### TASK TO COMPLETE
What lines of the data include the string "source"? Copy them all.

───── DATA SHOWN

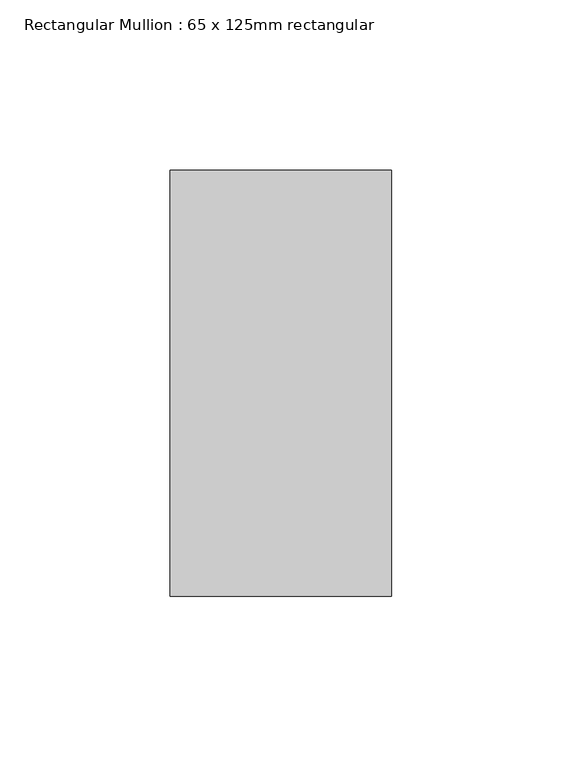
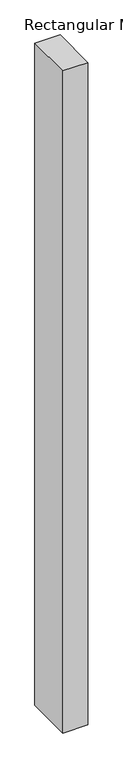
"""IFC4 building model written with IfcOpenShell, lengths in millimetres: member geometry, Rectangular Mullion : 65 x 125mm rectangular."""

from ifc_helpers import new_model, si_unit, frame, origin, place, context, project, spatial, polyline, outline, extrude, source, transform, mapped, element, save


def rectangular_mullion_65_x_125mm_rectangular_36adfa9f(model_context):
    return source(origin(), model_context, "Body", "SweptSolid", [
        extrude(outline(polyline([(0.0, 62.5), (0.0, -62.5), (-65.0, -62.5), (-65.0, 62.5), (0.0, 62.5)])), frame((0.0, 0.0, -1809.1666668), z_axis=(0.0, 0.0, 1.0), x_axis=(1.0, 0.0, 0.0)), (0.0, 0.0, 1.0), 1809.1666668),
    ])


if __name__ == "__main__":
    model = new_model("IFC4")
    model_context = context("Model", 3, world=origin())
    ifc_project = project(units=[si_unit("LENGTHUNIT", "METRE", prefix="MILLI")], contexts=[model_context])
    site = spatial("IfcSite", under=ifc_project)
    building = spatial("IfcBuilding", under=site)
    placement = place(None, origin())
    rectangular_mullion_65_x_125mm_rectangular_shape = rectangular_mullion_65_x_125mm_rectangular_36adfa9f(model_context)
    element("IfcMember", 1, ObjectType="Rectangular Mullion : 65 x 125mm rectangular", at=placement, inside=building, context=model_context, shape_type="MappedRepresentation", body=[
        mapped(rectangular_mullion_65_x_125mm_rectangular_shape, transform((0.0, 0.0, 0.0), x_axis=(1.0, 0.0, 0.0), y_axis=(0.0, 1.0, 0.0), z_axis=(0.0, 0.0, 1.0))),
    ])
    save(model, "model.ifc")

# Revit data of these elements
# Type "Rectangular Mullion : 65 x 125mm rectangular"
#   built-in parameter 1007304 = 0.410105 (stored number, unit not read)
#   built-in parameter 1007301 = 0.106627 (stored number, unit not read)
#   built-in parameter 1007300 = 0.106627 (stored number, unit not read)
# Element 1 (IfcMember, "Rectangular Mullion : 65 x 125mm rectangular")
#   Materials on its faces: "Aluminum"
# Materials
#   "Aluminum": class "Metal", colour RGB 244 245 246, transparency 0, Description = "Aluminum 6061", Cost = 0

──────────

### RESPONSE
from ifc_helpers import new_model, si_unit, frame, origin, place, context, project, spatial, polyline, outline, extrude, source, transform, mapped, element, save
    return source(origin(), model_context, "Body", "SweptSolid", [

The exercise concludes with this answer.